The new rulers did not like to be reminded of Napoleon's failure in Russia and his inglorious end. And anyway, what do you need Napoleon for? The Germans now had their own genius in power.
Herfried Münkler: "And then there is also the satanic genius. And not only the genius that gives us pleasure, that creates problems for us, but also the demonic, the satanic in a brilliant form," says the political scientist Professor Herfried Münkler von the Humboldt University of Berlin, who will ask the question in the context of the Heidelberg lectures: "Was Hitler a genius?"
Münkler: "Yes, if we are ready to accept that genius generally does not include the whole person, but that it is a sprinkling in what is often a very complex person, then one can say that in some respects Hitler had ingenious traits, that concerns issues of propaganda and influencing people. "
Both were part of the German view of Napoleon, says Herfried Münkler: on the one hand, his tremendous stylization almost in the role of redeemer, on the other hand, the admiration of the demonic and apocalyptic.
Münkler: "And I think that is repeated in many ways with Hitler."
Kirchhoff: "We understand the genius as the person who achieves more than the others, but does something good for the general public."
The state and tax lawyer Professor Paul Kirchhoff thinks.
Kirchhoff: "I would oppose the concept of ingenious criminals. He can be imaginative, unbelievably resourceful, every major criminal also thinks he is more cunning and cunning than other people, because he does it because he is supposed not to be discovered. But I think the genius is, I want to discover something for humanity. I want to give humanity a great gift. "

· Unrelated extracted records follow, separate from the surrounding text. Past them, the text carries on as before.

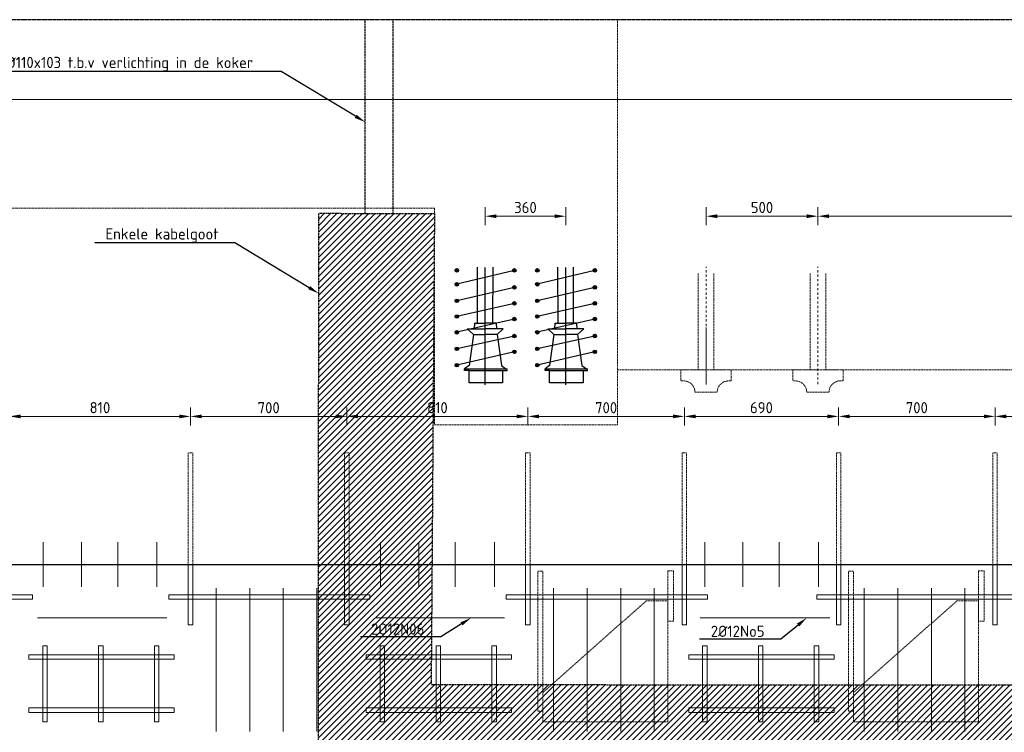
# Model space of a CAD drawing. Header units: millimetres. Extents: x -8028558 to 327273, y -63352 to 83293.
# Tile 189 of 195: x 300409 to 304813, y 10414 to 13602. Entities that reach past the tile are written whole.
import ezdxf
from ezdxf import colors
from ezdxf.entities.mleader import LeaderData, LeaderLine
from ezdxf.math import Vec2, Vec3

# ---------------------------------------------------------------- set-up
doc = ezdxf.new("R2010")
doc.units = ezdxf.units.MM
for name, pattern in [('NLCS-HIDDEN', [4, 2, -2]), ('XX-AFBREEK', [7, 4, -1, 1, -1]), ('ZZ-HIDDEN-SO', [4, 2, -2])]:
    doc.linetypes.add(name, pattern=pattern)
for name, color, linetype, lineweight in [('B-CO-BC-AFBREEKLIJN-GD', 7, 'XX-AFBREEK', 25), ('B-CO-BC-BETONVORM-GD', 90, 'Continuous', 25), ('B-CO-BC-BETONVORM-GN', 10, 'ZZ-HIDDEN-SO', 13), ('B-CO-BC-VOORSPANNING-GD', 200, 'Continuous', 25), ('B-CO-BC-VOORSPANNING-GN', 190, 'NLCS-HIDDEN', 13), ('B-CO-BC-WAPENING_HOOFDWAPENING-G', 170, 'Continuous', 18), ('B-CO-BC-WAPENING_HOOFDWAPENING-GN', 140, 'NLCS-HIDDEN', 13), ('B-CO-KL-OVERIG_MANTELBUIS - CENTREERLIJN-GD', 8, 'NLCS-HIDDEN', 25), ('X-XX-AL-M', 7, 'Continuous', 18), ('X-XX-AL-VERWIJZING-T25', 7, 'Continuous', 25)]:
    doc.layers.add(name, color=color, linetype=linetype, lineweight=lineweight)
doc.layers.add('B-CO-BC-KABELGOOT-A', color=253, linetype='Continuous', lineweight=25, transparency=0.6)
doc.styles.add('NLCS-ISO-MM20-T25', font='NLCS-ISO.ttf', dxfattribs={"height": 50})
doc.dimstyles.new('NLCS-MM20-T25-PIJL_L0_H4', dxfattribs={"dimscale": 20, "dimtxt": 2.5, "dimasz": 2.5, "dimexe": 2, "dimexo": 2, "dimgap": 0.7, "dimtad": 1, "dimdec": 0, "dimzin": 0, "dimdsep": 46, "dimtxsty": 'NLCS-ISO-MM20-T25', "dimcen": 0, "dimdle": 2, "dimclrd": 256, "dimclre": 256, "dimclrt": 256, "dimadec": 4, "dimazin": 0, "dimtfac": 1, "dimtdec": 3, "dimtofl": 0, "dimtmove": 0, "dimatfit": 3, "dimfxl": 2, "dimfxlon": 1, "dimtfillclr": 256, "dimtolj": 1, "dimtzin": 0, "dimlwd": -1, "dimlwe": -1, "dimarcsym": 0})

# ---------------------------------------------------------------- blocks, each defined once
blk = doc.blocks.new('*D1048')
at = {"layer": 'X-XX-AL-M', "transparency": 16777216}
for p, q in [((300362.7, 11787.5), (300362.7, 11867.5)), ((301172.5, 11787.5), (301172.5, 11867.5)), ((300412.7, 11827.5), (301122.5, 11827.5))]:
    blk.add_line(p, q, dxfattribs=at)
for points in [[(300412.7, 11835.8), (300412.7, 11819.1), (300362.7, 11827.5)], [(301122.5, 11835.8), (301122.5, 11819.1), (301172.5, 11827.5)]]:
    blk.add_solid(points, dxfattribs=at)
at = {"layer": 'X-XX-AL-M', "transparency": 16777216, "insert": (300767.6, 11866.5), "char_height": 50, "attachment_point": 5, "style": 'NLCS-ISO-MM20-T25'}
blk.add_mtext('\\A1;810', dxfattribs=at)
blk = doc.blocks.new('*D1049')
at = {"layer": 'X-XX-AL-M', "transparency": 16777216}
for p, q in [((301172.5, 11787.5), (301172.5, 11867.5)), ((301872.3, 11787.5), (301872.3, 11867.5)), ((301222.5, 11827.5), (301822.3, 11827.5))]:
    blk.add_line(p, q, dxfattribs=at)
for points in [[(301222.5, 11835.8), (301222.5, 11819.1), (301172.5, 11827.5)], [(301822.3, 11835.8), (301822.3, 11819.1), (301872.3, 11827.5)]]:
    blk.add_solid(points, dxfattribs=at)
at = {"layer": 'X-XX-AL-M', "transparency": 16777216, "insert": (301522.4, 11866.5), "char_height": 50, "attachment_point": 5, "style": 'NLCS-ISO-MM20-T25'}
blk.add_mtext('\\A1;700', dxfattribs=at)
blk = doc.blocks.new('*D1050')
at = {"layer": 'X-XX-AL-M', "transparency": 16777216}
for p, q in [((301872.3, 11787.5), (301872.3, 11867.5)), ((302682, 11787.5), (302682, 11867.5)), ((301922.3, 11827.5), (302632, 11827.5))]:
    blk.add_line(p, q, dxfattribs=at)
for points in [[(301922.3, 11835.8), (301922.3, 11819.1), (301872.3, 11827.5)], [(302632, 11835.8), (302632, 11819.1), (302682, 11827.5)]]:
    blk.add_solid(points, dxfattribs=at)
at = {"layer": 'X-XX-AL-M', "transparency": 16777216, "insert": (302277.1, 11866.5), "char_height": 50, "attachment_point": 5, "style": 'NLCS-ISO-MM20-T25'}
blk.add_mtext('\\A1;810', dxfattribs=at)
blk = doc.blocks.new('*D1051')
at = {"layer": 'X-XX-AL-M', "transparency": 16777216}
for p, q in [((302682, 11787.5), (302682, 11867.5)), ((303381.8, 11787.5), (303381.8, 11867.5)), ((302732, 11827.5), (303331.8, 11827.5))]:
    blk.add_line(p, q, dxfattribs=at)
for points in [[(302732, 11835.8), (302732, 11819.1), (302682, 11827.5)], [(303331.8, 11835.8), (303331.8, 11819.1), (303381.8, 11827.5)]]:
    blk.add_solid(points, dxfattribs=at)
at = {"layer": 'X-XX-AL-M', "transparency": 16777216, "insert": (303031.9, 11866.5), "char_height": 50, "attachment_point": 5, "style": 'NLCS-ISO-MM20-T25'}
blk.add_mtext('\\A1;700', dxfattribs=at)
blk = doc.blocks.new('*D1052')
at = {"layer": 'X-XX-AL-M', "transparency": 16777216}
for p, q in [((303381.8, 11787.5), (303381.8, 11867.5)), ((304071.8, 11787.5), (304071.8, 11867.5)), ((303431.8, 11827.5), (304021.8, 11827.5))]:
    blk.add_line(p, q, dxfattribs=at)
for points in [[(303431.8, 11835.8), (303431.8, 11819.1), (303381.8, 11827.5)], [(304021.8, 11835.8), (304021.8, 11819.1), (304071.8, 11827.5)]]:
    blk.add_solid(points, dxfattribs=at)
at = {"layer": 'X-XX-AL-M', "transparency": 16777216, "insert": (303726.8, 11866.5), "char_height": 50, "attachment_point": 5, "style": 'NLCS-ISO-MM20-T25'}
blk.add_mtext('\\A1;690', dxfattribs=at)
blk = doc.blocks.new('*D1053')
at = {"layer": 'X-XX-AL-M', "transparency": 16777216}
for p, q in [((304071.8, 11787.5), (304071.8, 11867.5)), ((304771.8, 11787.5), (304771.8, 11867.5)), ((304121.8, 11827.5), (304721.8, 11827.5))]:
    blk.add_line(p, q, dxfattribs=at)
for points in [[(304121.8, 11835.8), (304121.8, 11819.1), (304071.8, 11827.5)], [(304721.8, 11835.8), (304721.8, 11819.1), (304771.8, 11827.5)]]:
    blk.add_solid(points, dxfattribs=at)
at = {"layer": 'X-XX-AL-M', "transparency": 16777216, "insert": (304421.8, 11866.5), "char_height": 50, "attachment_point": 5, "style": 'NLCS-ISO-MM20-T25'}
blk.add_mtext('\\A1;700', dxfattribs=at)
blk = doc.blocks.new('*D1091')
at = {"layer": 'X-XX-AL-M', "transparency": 16777216}
for p, q in [((304771.8, 11787.5), (304771.8, 11867.5)), ((305075.1, 11787.5), (305075.1, 11867.5)), ((304821.8, 11827.5), (305025.1, 11827.5))]:
    blk.add_line(p, q, dxfattribs=at)
for points in [[(304821.8, 11835.8), (304821.8, 11819.1), (304771.8, 11827.5)], [(305025.1, 11835.8), (305025.1, 11819.1), (305075.1, 11827.5)]]:
    blk.add_solid(points, dxfattribs=at)
at = {"layer": 'X-XX-AL-M', "transparency": 16777216, "insert": (304923.5, 11866.5), "char_height": 50, "attachment_point": 5, "style": 'NLCS-ISO-MM20-T25'}
blk.add_mtext('\\A1;303', dxfattribs=at)
blk = doc.blocks.new('*D1093')
at = {"layer": 'X-XX-AL-M', "transparency": 16777216}
for p, q in [((286154.1, 13285.8), (286154.1, 13205.8)), ((306174.1, 13285.8), (306174.1, 13205.8)), ((286204.1, 13245.8), (306124.1, 13245.8))]:
    blk.add_line(p, q, dxfattribs=at)
for points in [[(286204.1, 13254.1), (286204.1, 13237.4), (286154.1, 13245.8)], [(306124.1, 13254.1), (306124.1, 13237.4), (306174.1, 13245.8)]]:
    blk.add_solid(points, dxfattribs=at)
at = {"layer": 'X-XX-AL-M', "transparency": 16777216, "insert": (296164.1, 13284.8), "char_height": 50, "attachment_point": 5, "style": 'NLCS-ISO-MM20-T25'}
blk.add_mtext('\\A1;20020', dxfattribs=at)
blk = doc.blocks.new('*D1149')
at = {"layer": 'X-XX-AL-M', "transparency": 16777216}
for p, q in [((303479.1, 12683.1), (303479.1, 12763.1)), ((303979.1, 12683.1), (303979.1, 12763.1)), ((303529.1, 12723.1), (303929.1, 12723.1))]:
    blk.add_line(p, q, dxfattribs=at)
for points in [[(303529.1, 12731.4), (303529.1, 12714.7), (303479.1, 12723.1)], [(303929.1, 12731.4), (303929.1, 12714.7), (303979.1, 12723.1)]]:
    blk.add_solid(points, dxfattribs=at)
at = {"layer": 'X-XX-AL-M', "transparency": 16777216, "insert": (303729.1, 12762.1), "char_height": 50, "attachment_point": 5, "style": 'NLCS-ISO-MM20-T25'}
blk.add_mtext('\\A1;500', dxfattribs=at)
blk = doc.blocks.new('*D1150')
at = {"layer": 'X-XX-AL-M', "transparency": 16777216}
for p, q in [((303979.1, 12683.1), (303979.1, 12763.1)), ((306174.1, 12683.1), (306174.1, 12763.1)), ((304029.1, 12723.1), (306124.1, 12723.1))]:
    blk.add_line(p, q, dxfattribs=at)
for points in [[(304029.1, 12731.4), (304029.1, 12714.7), (303979.1, 12723.1)], [(306124.1, 12731.4), (306124.1, 12714.7), (306174.1, 12723.1)]]:
    blk.add_solid(points, dxfattribs=at)
at = {"layer": 'X-XX-AL-M', "transparency": 16777216, "insert": (305076.6, 12762.1), "char_height": 50, "attachment_point": 5, "style": 'NLCS-ISO-MM20-T25'}
blk.add_mtext('\\A1;2195', dxfattribs=at)
blk = doc.blocks.new('*D1153')
at = {"layer": 'X-XX-AL-M', "transparency": 16777216}
for p, q in [((302491.2, 12683.1), (302491.2, 12763.1)), ((302851.2, 12683.1), (302851.2, 12763.1)), ((302541.2, 12723.1), (302801.2, 12723.1))]:
    blk.add_line(p, q, dxfattribs=at)
for points in [[(302541.2, 12731.4), (302541.2, 12714.7), (302491.2, 12723.1)], [(302801.2, 12731.4), (302801.2, 12714.7), (302851.2, 12723.1)]]:
    blk.add_solid(points, dxfattribs=at)
at = {"layer": 'X-XX-AL-M', "transparency": 16777216, "insert": (302671.2, 12762.1), "char_height": 50, "attachment_point": 5, "style": 'NLCS-ISO-MM20-T25'}
blk.add_mtext('\\A1;360', dxfattribs=at)

msp = doc.modelspace()

# ---------------------------------------------------------------- hatches: boundary and pattern name
at = {"layer": 'B-CO-BC-KABELGOOT-A'}
h = msp.add_hatch(dxfattribs=at)
h.set_pattern_fill('ACO-BETON_GEWAPEND-SODMM', color=256, scale=10, pattern_type=2)
h.set_pattern_definition([(45, (43387.608, 0), (-14.1421356, 14.1421356), [])])
h.paths.add_polyline_path([(302264.1, 12735.7), (302249.3, 10627.7), (306120.3, 10625.8), (306103.7, 8989.8), (305606.3, 8990.1), (305606.8, 10162.3), (301745.2, 10164.2), (301746.4, 12736)])

# ---------------------------------------------------------------- linework, layer by layer
at = {"layer": 'B-CO-BC-AFBREEKLIJN-GD', "flags": 128}
msp.add_lwpolyline([(306999.4, 13602.3), (285250.5, 13602.3)], dxfattribs=at)
at = {"layer": 'B-CO-BC-BETONVORM-GD', "flags": 128}
msp.add_lwpolyline([(286154.1, 11164.7), (306174.1, 11164.7)], dxfattribs=at)
at = {"layer": 'B-CO-BC-BETONVORM-GN', "flags": 128}
for points in [[(303083.2, 11790), (303083.2, 13602.3)], [(296730.6, 12759.7), (302263.6, 12759.7)], [(302263.6, 12759.7), (302263.6, 11790)], [(303083.2, 12036.2), (306174.1, 12036.2)], [(302263.6, 11790), (303083.2, 11790)]]:
    msp.add_lwpolyline(points, dxfattribs=at)
at = {"layer": 'B-CO-BC-VOORSPANNING-GD', "ltscale": 500, "flags": 128}
for points in [[(302364.2, 12480.8), (302356.2, 12480.8)], [(302356.2, 12480.8), (302372.2, 12480.8)], [(302364.2, 12488.8), (302364.2, 12472.8)], [(302621.5, 12480.8), (302613.5, 12480.8)], [(302613.5, 12480.8), (302629.5, 12480.8)], [(302621.5, 12488.8), (302621.5, 12472.8)], [(302724.2, 12480.8), (302716.2, 12480.8)], [(302716.2, 12480.8), (302732.2, 12480.8)], [(302724.2, 12488.8), (302724.2, 12472.8)], [(302981.5, 12480.8), (302973.5, 12480.8)], [(302973.5, 12480.8), (302989.5, 12480.8)], [(302981.5, 12488.8), (302981.5, 12472.8)], [(302364.2, 12426.5), (302364.2, 12410.5)], [(302724.2, 12426.5), (302724.2, 12410.5)], [(302364.2, 12418.5), (302356.2, 12418.5)], [(302356.2, 12418.5), (302372.2, 12418.5)], [(302621.5, 12404.5), (302613.5, 12404.5)], [(302613.5, 12404.5), (302629.5, 12404.5)], [(302621.5, 12412.5), (302621.5, 12396.5)], [(302724.2, 12418.5), (302716.2, 12418.5)], [(302716.2, 12418.5), (302732.2, 12418.5)], [(302981.5, 12404.5), (302973.5, 12404.5)], [(302973.5, 12404.5), (302989.5, 12404.5)], [(302981.5, 12412.5), (302981.5, 12396.5)], [(302364.2, 12344.5), (302356.2, 12344.5)], [(302356.2, 12344.5), (302372.2, 12344.5)], [(302364.2, 12352.5), (302364.2, 12336.5)], [(302621.5, 12332.8), (302613.5, 12332.8)], [(302613.5, 12332.8), (302629.5, 12332.8)], [(302621.5, 12340.8), (302621.5, 12324.8)], [(302724.2, 12344.5), (302716.2, 12344.5)], [(302716.2, 12344.5), (302732.2, 12344.5)], [(302724.2, 12352.5), (302724.2, 12336.5)], [(302981.5, 12332.8), (302973.5, 12332.8)], [(302973.5, 12332.8), (302989.5, 12332.8)], [(302981.5, 12340.8), (302981.5, 12324.8)], [(302364.2, 12274.3), (302356.2, 12274.3)], [(302356.2, 12274.3), (302372.2, 12274.3)], [(302364.2, 12282.3), (302364.2, 12266.3)], [(302621.5, 12263.2), (302613.5, 12263.2)], [(302613.5, 12263.2), (302629.5, 12263.2)], [(302621.5, 12271.2), (302621.5, 12255.2)], [(302724.2, 12274.3), (302716.2, 12274.3)], [(302716.2, 12274.3), (302732.2, 12274.3)], [(302724.2, 12282.3), (302724.2, 12266.3)], [(302981.5, 12263.2), (302973.5, 12263.2)], [(302973.5, 12263.2), (302989.5, 12263.2)], [(302981.5, 12271.2), (302981.5, 12255.2)], [(302364.2, 12203.7), (302356.2, 12203.7)], [(302356.2, 12203.7), (302372.2, 12203.7)], [(302364.2, 12211.7), (302364.2, 12195.7)], [(302724.2, 12203.7), (302716.2, 12203.7)], [(302716.2, 12203.7), (302732.2, 12203.7)], [(302724.2, 12211.7), (302724.2, 12195.7)], [(302621.5, 12187), (302613.5, 12187)], [(302613.5, 12187), (302629.5, 12187)], [(302621.5, 12195), (302621.5, 12179)], [(302981.5, 12187), (302973.5, 12187)], [(302973.5, 12187), (302989.5, 12187)], [(302981.5, 12195), (302981.5, 12179)], [(302364.2, 12129.7), (302356.2, 12129.7)], [(302356.2, 12129.7), (302372.2, 12129.7)], [(302364.2, 12137.7), (302364.2, 12121.7)], [(302621.5, 12116.3), (302613.5, 12116.3)], [(302613.5, 12116.3), (302629.5, 12116.3)], [(302621.5, 12124.3), (302621.5, 12108.3)], [(302724.2, 12129.7), (302716.2, 12129.7)], [(302716.2, 12129.7), (302732.2, 12129.7)], [(302724.2, 12137.7), (302724.2, 12121.7)], [(302981.5, 12116.3), (302973.5, 12116.3)], [(302973.5, 12116.3), (302989.5, 12116.3)], [(302981.5, 12124.3), (302981.5, 12108.3)], [(302364.2, 12056.8), (302356.2, 12056.8)], [(302356.2, 12056.8), (302372.2, 12056.8)], [(302364.2, 12064.8), (302364.2, 12048.8)], [(302398.7, 12032.4), (302398.7, 12040.4)], [(302418.7, 12032.4), (302398.7, 12032.4)], [(302418.7, 11977.4), (302418.7, 12032.4)], [(302418.7, 12032.4), (302568.7, 12032.4)], [(302568.7, 12032.4), (302568.7, 11977.4)], [(302568.7, 12032.4), (302588.7, 12032.4)], [(302588.7, 12032.4), (302588.7, 12040.4)], [(302724.2, 12056.8), (302716.2, 12056.8)], [(302716.2, 12056.8), (302732.2, 12056.8)], [(302724.2, 12064.8), (302724.2, 12048.8)], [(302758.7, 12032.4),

In addition, Paul Kirchhoff points out, law is a changing factor. What was treason in Michelangelo's time would be a breach of contract today and at most result in a fine. Michelangelo, on the other hand, had risked his life when he threw his chisel at the Pope's feet and fled Rome without having completed the monument he demanded.
Borchmeyer: "Because genius is unbound, there is always the risk that he will become completely eccentric, go mad, or become a criminal. This closeness to crime has definitely been seen."
Geniuses in the 21st century
Even in the 21st century there are geniuses, no question about it, there are scientists who have earned the Nobel Prize, there are inventors and extraordinary artists. And the term has not gone out of fashion either. It's ubiquitous. Almost a nuisance of sorts.
Literary scholar Barbara Beßlich:
Beßlich: "The concept of genius is inflationary in use today. ... an everyday word that can be used for everything, a term that has been used up for aesthetic debates, which can actually no longer be reactivated."